EXCERPTED DATA:

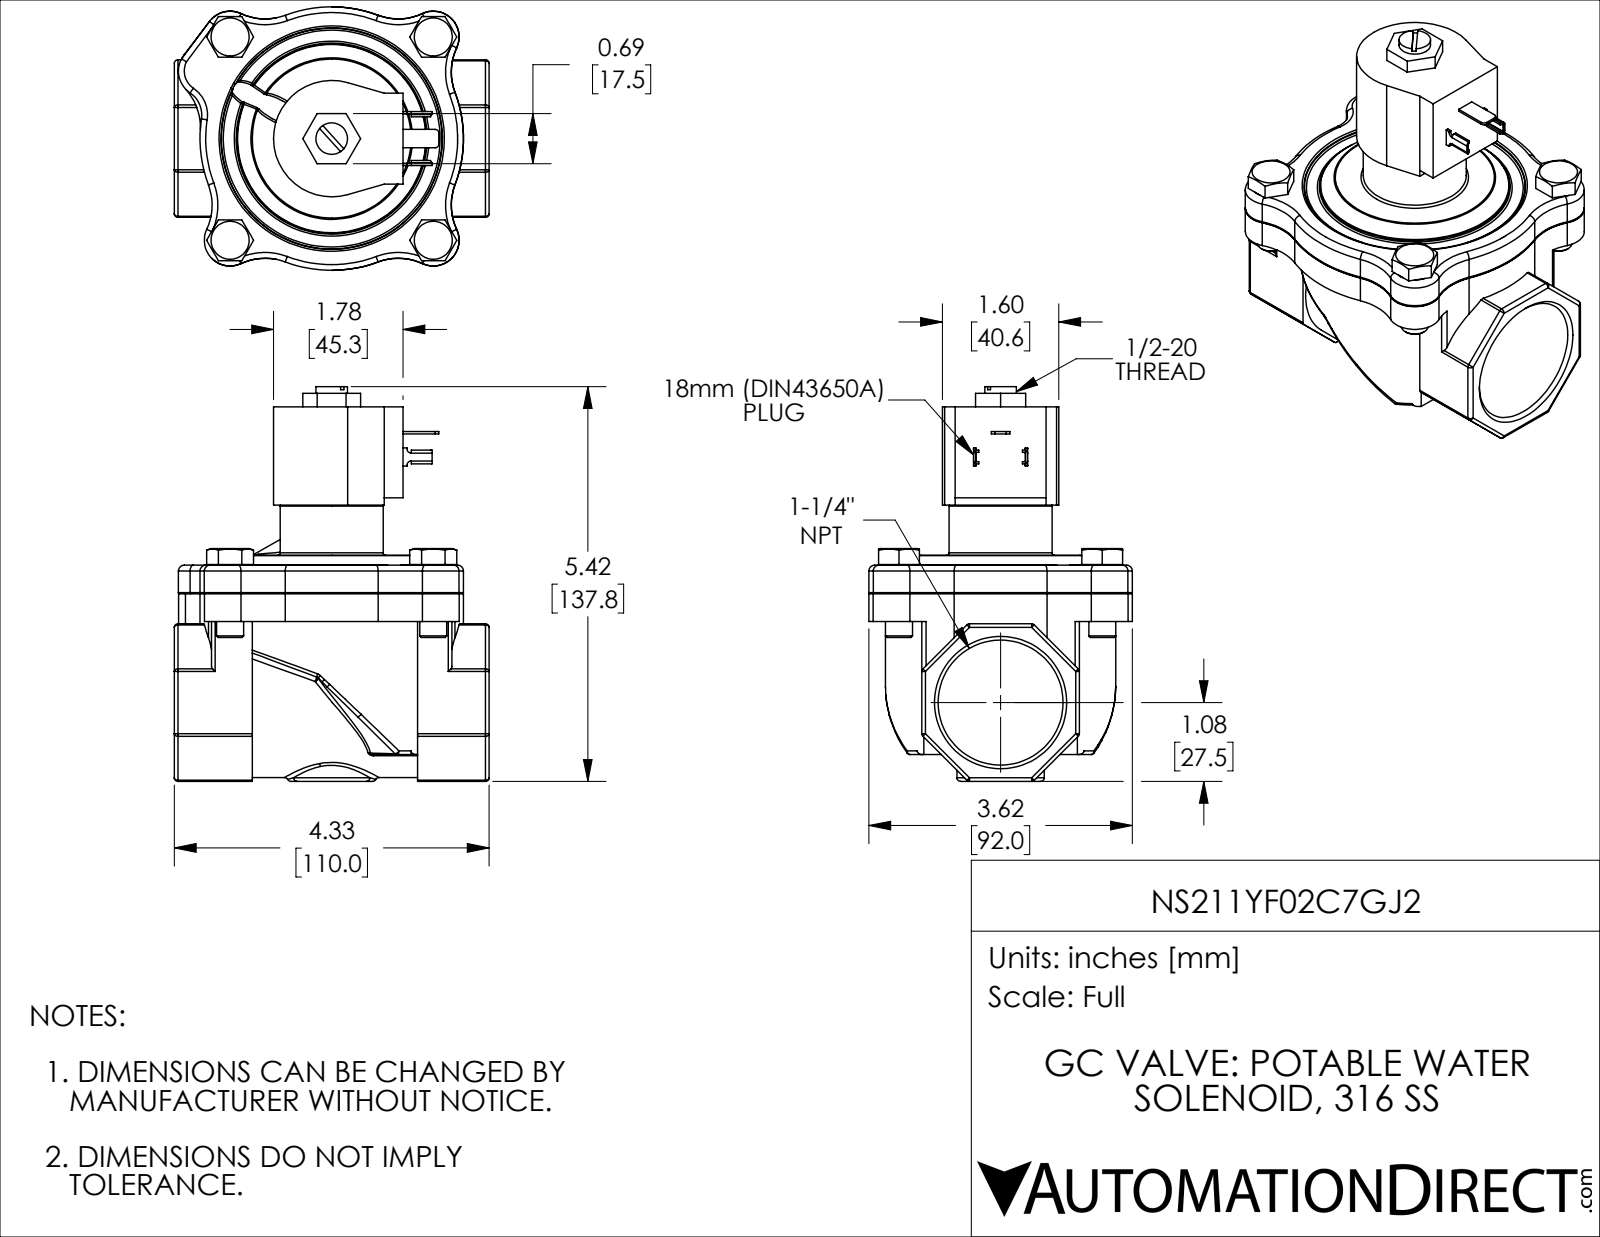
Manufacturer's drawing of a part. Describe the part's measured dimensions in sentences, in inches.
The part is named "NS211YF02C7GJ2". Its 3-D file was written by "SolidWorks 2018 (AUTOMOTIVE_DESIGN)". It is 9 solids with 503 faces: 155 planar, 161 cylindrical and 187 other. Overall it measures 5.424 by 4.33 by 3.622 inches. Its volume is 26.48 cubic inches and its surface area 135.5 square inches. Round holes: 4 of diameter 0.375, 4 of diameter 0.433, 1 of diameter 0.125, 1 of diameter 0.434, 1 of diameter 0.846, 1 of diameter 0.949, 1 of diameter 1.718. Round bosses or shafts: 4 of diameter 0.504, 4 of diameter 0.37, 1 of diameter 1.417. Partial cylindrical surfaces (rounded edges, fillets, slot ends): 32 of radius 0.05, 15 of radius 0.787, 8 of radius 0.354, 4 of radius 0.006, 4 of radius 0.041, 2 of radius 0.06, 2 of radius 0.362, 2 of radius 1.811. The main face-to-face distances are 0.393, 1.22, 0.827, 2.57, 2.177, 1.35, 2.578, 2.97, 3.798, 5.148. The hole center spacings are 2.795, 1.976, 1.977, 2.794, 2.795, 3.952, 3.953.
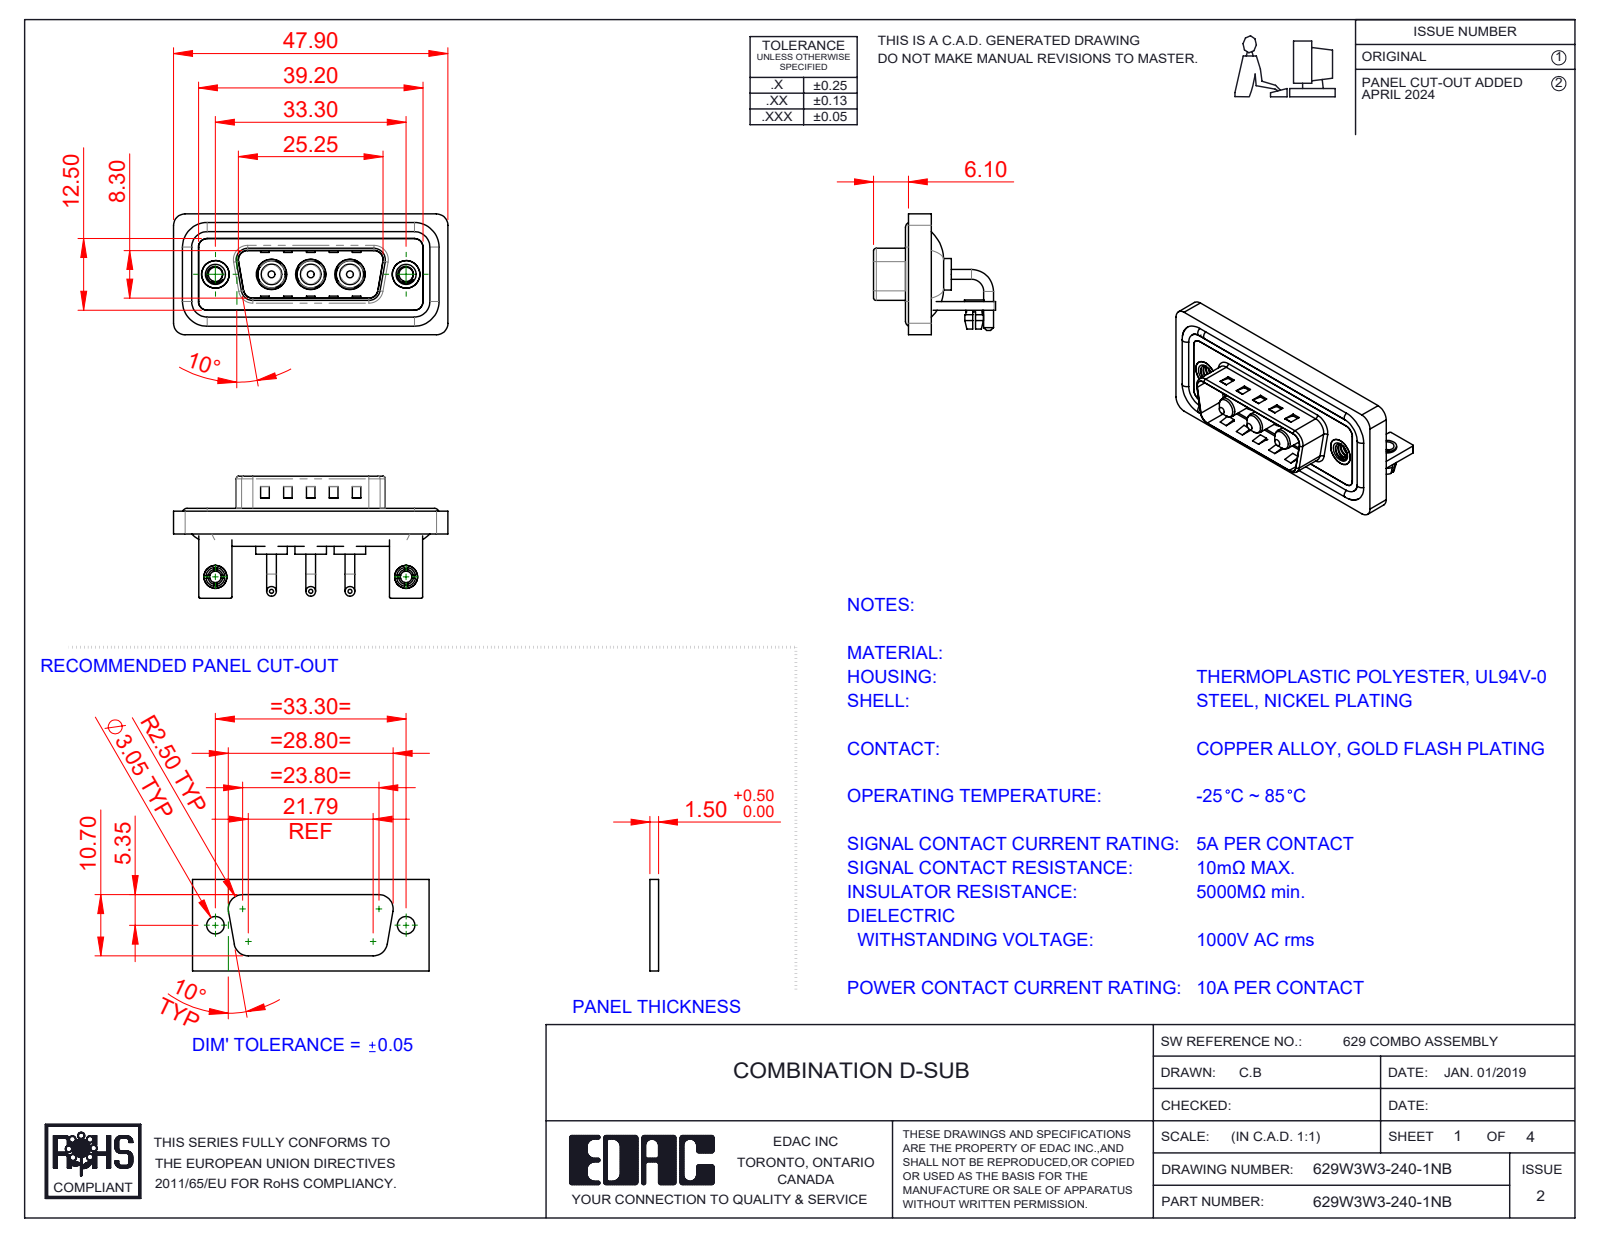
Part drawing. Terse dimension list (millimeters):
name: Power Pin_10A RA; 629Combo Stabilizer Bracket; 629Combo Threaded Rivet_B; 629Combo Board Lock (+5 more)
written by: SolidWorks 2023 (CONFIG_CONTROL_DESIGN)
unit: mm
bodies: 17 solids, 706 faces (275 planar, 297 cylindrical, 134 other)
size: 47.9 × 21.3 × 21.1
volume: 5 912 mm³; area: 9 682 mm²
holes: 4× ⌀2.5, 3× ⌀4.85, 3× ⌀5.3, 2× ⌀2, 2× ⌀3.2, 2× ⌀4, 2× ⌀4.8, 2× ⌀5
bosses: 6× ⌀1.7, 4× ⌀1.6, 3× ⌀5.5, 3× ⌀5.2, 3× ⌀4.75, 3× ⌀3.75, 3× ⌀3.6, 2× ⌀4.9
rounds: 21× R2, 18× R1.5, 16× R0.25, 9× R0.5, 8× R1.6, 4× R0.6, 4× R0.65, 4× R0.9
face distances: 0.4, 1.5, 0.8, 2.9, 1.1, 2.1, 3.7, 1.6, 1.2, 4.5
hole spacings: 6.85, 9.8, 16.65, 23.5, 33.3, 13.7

WHAT YOU HAVE TO DO: Only the lines from the one containing "Part drawing. Terse" to the end of the records should be repeated, exactly as they appear.

OUTPUT BELOW:
Part drawing. Terse dimension list (millimeters):
name: Power Pin_10A RA; 629Combo Stabilizer Bracket; 629Combo Threaded Rivet_B; 629Combo Board Lock (+5 more)
written by: SolidWorks 2023 (CONFIG_CONTROL_DESIGN)
unit: mm
bodies: 17 solids, 706 faces (275 planar, 297 cylindrical, 134 other)
size: 47.9 × 21.3 × 21.1
volume: 5 912 mm³; area: 9 682 mm²
holes: 4× ⌀2.5, 3× ⌀4.85, 3× ⌀5.3, 2× ⌀2, 2× ⌀3.2, 2× ⌀4, 2× ⌀4.8, 2× ⌀5
bosses: 6× ⌀1.7, 4× ⌀1.6, 3× ⌀5.5, 3× ⌀5.2, 3× ⌀4.75, 3× ⌀3.75, 3× ⌀3.6, 2× ⌀4.9
rounds: 21× R2, 18× R1.5, 16× R0.25, 9× R0.5, 8× R1.6, 4× R0.6, 4× R0.65, 4× R0.9
face distances: 0.4, 1.5, 0.8, 2.9, 1.1, 2.1, 3.7, 1.6, 1.2, 4.5
hole spacings: 6.85, 9.8, 16.65, 23.5, 33.3, 13.7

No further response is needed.